Can the military save affirmative action?
As the Supreme Court’s justices were sparring with each other last month over use of racial preferences in school admissions policies, the Biden administration’s top litigator kept coming back to one point: Think of the troops.
Solicitor General Elizabeth Prelogar said if schools can’t enroll a diverse student body, the nation’s military won’t have the kind of leaders it needs to field, train and take into combat the world’s best fighting force.
“It is a critical national security imperative to attain diversity within the officer corps,” she told the justices. “And, at present, it’s not possible to achieve that diversity without race-conscious admissions, including at the nation’s service academies.”
That matters not just the academies, she said, but other schools with officer candidate training programs: Taking away affirmative action in academics means a less safe country.
The cases before the justices involved the admissions policies at Harvard University and the University of North Carolina which ask about race on their applications, and admit they use the answers to try to boost numbers of Black, Latino and Native American students.
A majority on the court appeared to be skeptical about preferences.
But Ms. Prelogar’s military argument gave them pause.
Justice Samuel A. Alito Jr. called it “something that we have to take very seriously.”
“You represent the entire executive branch, including the military, and we have to presume that you are reflecting the views of the military,” he told the solicitor general.
The argument over diversity and the military stretches back decades, with the services working to make themselves more inclusive to reflect the general civilian population.
A 2020 Department of Defense report found that the representation of Hispanic and Black service members was higher in the military than it was in the civilian population. But those minorities still weren’t well-represented within leadership and officer roles, according to the data.
Ms. Prelogar told the justices that the academies have tried ways to attract qualified minority students. That includes more outreach, allowing more nominations from certain congressional districts, and using other proxies like socioeconomics.
“West Point discovered that that would actually increase the number of White men at the academy,” she said. “And other race-neutral alternatives just don’t work in this context for the service academies.”
Chief Justice John G. Roberts Jr. asked Ms. Prelogar if there should be a special policy for the academies.
“I would have thought that you might want to distinguish yourself in order to preserve arguments that are particularly applicable, if there are such arguments, to the service academies, rather than take the position here, which is you’re going to be bound by whatever we say with respect to the other universities,” he said.
The solicitor general did not take his invitation, saying that the national security argument for affirmative action goes beyond the academies.

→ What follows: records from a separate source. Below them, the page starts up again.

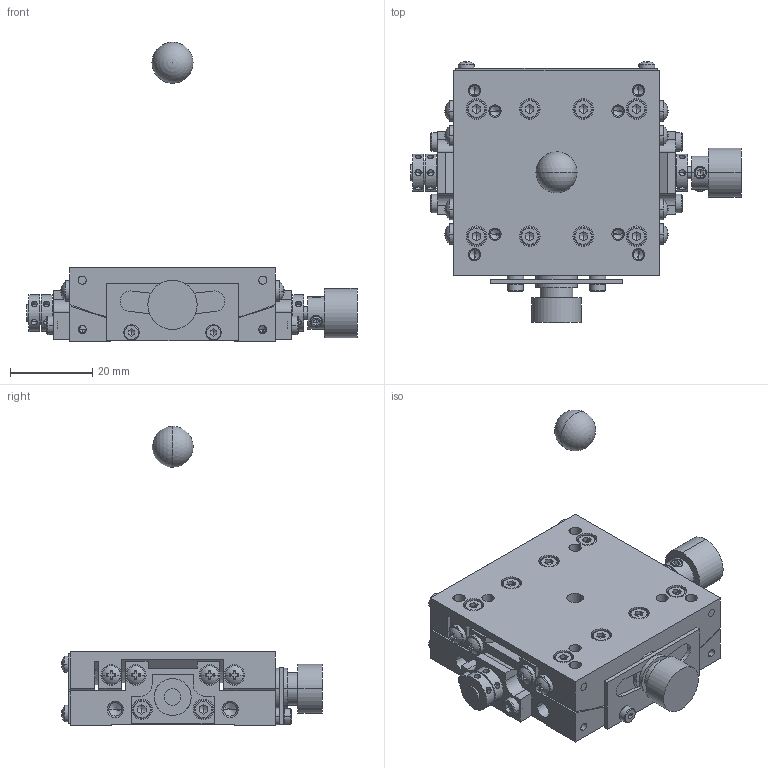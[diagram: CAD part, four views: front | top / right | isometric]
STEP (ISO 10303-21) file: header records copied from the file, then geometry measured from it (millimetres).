
FILE_DESCRIPTION (( 'STEP AP203' ), '1' );
FILE_NAME ('SH05B-RT-R.STEP', '2016-09-28T08:19:31', ( '' ), ( '' ), 'SwSTEP 2.0', 'SolidWorks 2011', '' );
FILE_SCHEMA (( 'CONFIG_CONTROL_DESIGN' ));
Products named in the file (5): SH05B-RT-R; base-9; table-5; rotation-center-9; SH05B-RT-R.sldasm-Part-1
Assembly tree (3 placements, depth 2):
  SH05B-RT-R
    table-5
    rotation-center-9
    base-9
  SH05B-RT-R.sldasm-Part-1
Bounding box: 80.5 x 63.59 x 73 mm (x, y, z)
Volume: 43397.7 mm3; surface area: 26272.4 mm2
Topology: 3 solids, 39 shells, 1945 faces, 4731 edges, 2850 vertices
Faces by surface type: plane 950, cylinder 631, cone 252, torus 80, sphere 26, bspline 6
Entity records: 60553 total; most frequent: CARTESIAN_POINT 14438, DIRECTION 9924, ORIENTED_EDGE 9180, EDGE_CURVE 4590, AXIS2_PLACEMENT_3D 3693, VERTEX_POINT 2847, VECTOR 2538, LINE 2538

She said more officers come from ROTC programs at regular schools than the academies, so they need diversity too.
Court watchers said Chief Justice Roberts may have been trying to signal a potential middle ground, and said there’s legal justification for that.
“There is precedent for a more relaxed standard — a more pro-governmental standard — when you’re dealing with national security matters and governmental affairs,” said Rod Smolla, president of Vermont Law and Graduate School. “There is this danger of this kind of two class military.”
Adam Feldman, a Supreme Court expert and creator of the Empirical SCOTUS blog, said Chief Justice Roberts seemed more open to a “restrained approach” than some of the other justices on the bench.
“There is a legitimate possibility that the Court will leave affirmative action in place for military academies while overturning it for other institutions. There appears to be a different diversity argument for those institutions,” he said.
Whether the military argument can save affirmative action more broadly remains to be seen.
But it was part of the justification in 2003, when the late Justice Sandra Day O’Connor delivered the court’s current framework for what’s allowed in racial preferences.
In upholding use of race as a potential plus factor in admissions, she quoted from a brief filed by former military officers who said the military “cannot achieve an officer corps that is both highly qualified and racially diverse unless the service academies and the ROTC used limited race-conscious recruiting and admissions policies.”
Those officers went even further, saying a strong military needed not only diverse recruitment, but they must be able to learn in a “racially diverse educational setting.”
This time around, a different group of former troops have stepped forward to argue the opposite.
Veterans for Fairness and Merit, a group of more than 600 former service members from various branches, said the officer corps is already diverse “to a substantial degree,” and continuing to recruit based on race is “antithetical to the ‘selfless servant,’ colorblind culture necessary for our military to prevail on the battlefield.”
“In short, officer racial preferences reduce combat effectiveness and weaken, rather than enhance, national security,” the former troops wrote.
The Supreme Court is expected to issue rulings in the cases by the end of June.